I was at a meeting yesterday where school ratings were discussed. We've all seen a variety of ratings used, and most of them are terrible. Those of us in the city all remember the report cards, largely based on test scores. Of course these ratings are ridiculous. For one thing, the only thing test scores are absolutely correlated to is income. For another, the tests are ridiculous, constantly manipulated by geniuses in Albany to show whatever it is they want to prove this year.

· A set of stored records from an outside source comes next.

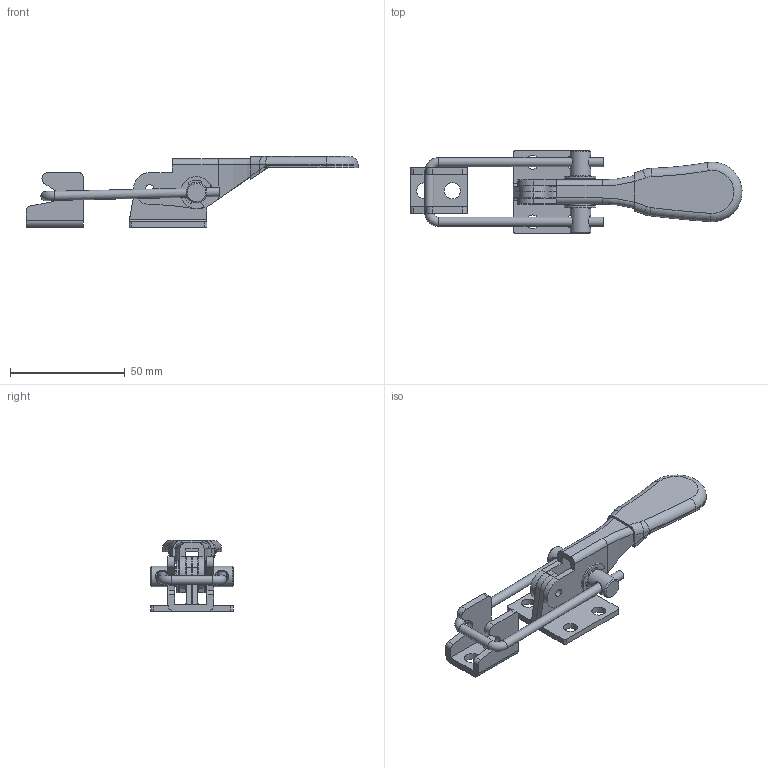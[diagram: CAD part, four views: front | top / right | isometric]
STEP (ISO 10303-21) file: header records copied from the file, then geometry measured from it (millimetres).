
FILE_DESCRIPTION(/* description */ (''),/* implementation_level */ '2;1');
FILE_NAME(/* name */ '\\NAS\db20\C-025-41F\DR_C-025-41F.stp',/* time_stamp */ '2018-03-01T17:52:55+09:00',/* author */ ('user'),/* organization */ (''),/* preprocessor_version */ 'ST-DEVELOPER v15.6',/* originating_system */ 'Autodesk Inventor 2015',/* authorisation */ '');
FILE_SCHEMA (('AUTOMOTIVE_DESIGN { 1 0 10303 214 3 1 1 }'));
Length unit declared in the file: millimetre
Products named in the file (7): DR_C-025-41F-A; DR_C-025-41F-B; DR_C-025-41F-C; DR_E링14; DR_C-025-41F-BR; DR_C-025-41F-H; DR_C-025-41F
Bounding box: 144.92 x 36 x 31 mm (x, y, z)
Volume: 21887.6 mm3; surface area: 24900.1 mm2
Topology: 9 solids, 10 shells, 302 faces, 777 edges, 495 vertices
Faces by surface type: cylinder 134, plane 98, torus 36, bspline 32, cone 2
Full cylindrical faces by diameter (mm): 3.5 x4, 4 x3, 5 x2, 6 x4, 7 x4, 9 x5
Entity records: 9891 total; most frequent: CARTESIAN_POINT 2887, DIRECTION 1497, ORIENTED_EDGE 1363, EDGE_CURVE 689, AXIS2_PLACEMENT_3D 607, VERTEX_POINT 451, EDGE_LOOP 340, CIRCLE 287

Now there are Quality Reviews in effect. These are people who walk around demanding absolutely the same thing of absolutely every school. A biggie this year is the inquiry team. If your school has low test scores, the only thing that will make them better is an inquiry team. If your school has high test scores, you need an inquiry team so that you can find out how they can be higher. Also, you'd better have rubrics on your bulletin boards, because the only way students can learn from a bulletin board is if there is a rubric attached.
So now, thanks to the quality review, a lot of city teachers are spending various periods of time in inquiry teams and writing rubrics to hang on bulletin boards. Doubtless this will save the world. Meanwhile, things that actually improve education are ignored utterly.
How about class size? NYC continues with the highest class sizes in the state. The only reason they aren't higher is the UFT Contract, and leadership hasn't moved to lower it in five decades. Of course leadership would tell you this is so they can get those fabulous raises we enjoy. I personally can't remember getting a fabulous raise lately, and am sitting around waiting for money I earned in 2010, money I won't get until 2020. And then there's the CFE lawsuit, blatantly ignored by both city and state.
Of course it isn't solely union leadership at fault here. Our esteemed governor, who leadership seems to like because he hasn't tried to kill us this year, can't be bothered. Mayor de Blasio can't worry about it either. At a school level, principals are scrambling to keep up with nonsense like quality reviews and observing every teacher in the building four times. Principals have to pay teachers out of their own budgets. Where are they gonna get the money to reduce class sizes? It's not like they can have billionaire-studded galas like Eva Moskowitz does.
But as a teacher and parent I value reasonable class size. I'd happily rate schools on it and give principals an incentive to enable it. Then there's PE. My school, like most city high schools, offers it only every other day. I hear some don't bother with laws and offer it once a week, if at all. PE should be every day, and ought to give kids a chance to blow off steam. We ought to let our children know that their physical health is something we care about. We ought to give schools that offer 5 day a week physical education credit for doing so.
Are there music and art programs? Are they five days a week, or are they treated as virtual lepers, every other day like PE? Are we seriously expecting PE and music teachers to effectively work with up to 250 students at a time? Are we expecting them to be able to assess them reasonably? Are we going to delude ourselves into thinking that teachers can offer individual assistance under such circumstances?
How about rating schools on individuality? Do the schools have special programs that really help kids or enhance their lives? Do they think outside of the box? Or do they just follow whatever rule book is in vogue this year and spend all their energy chasing their proverbial tails?
If we're gonna rate schools at all, we might as well encourage them to service our children rather than Bill Gates. What do you think we need to know to evaluate our schools?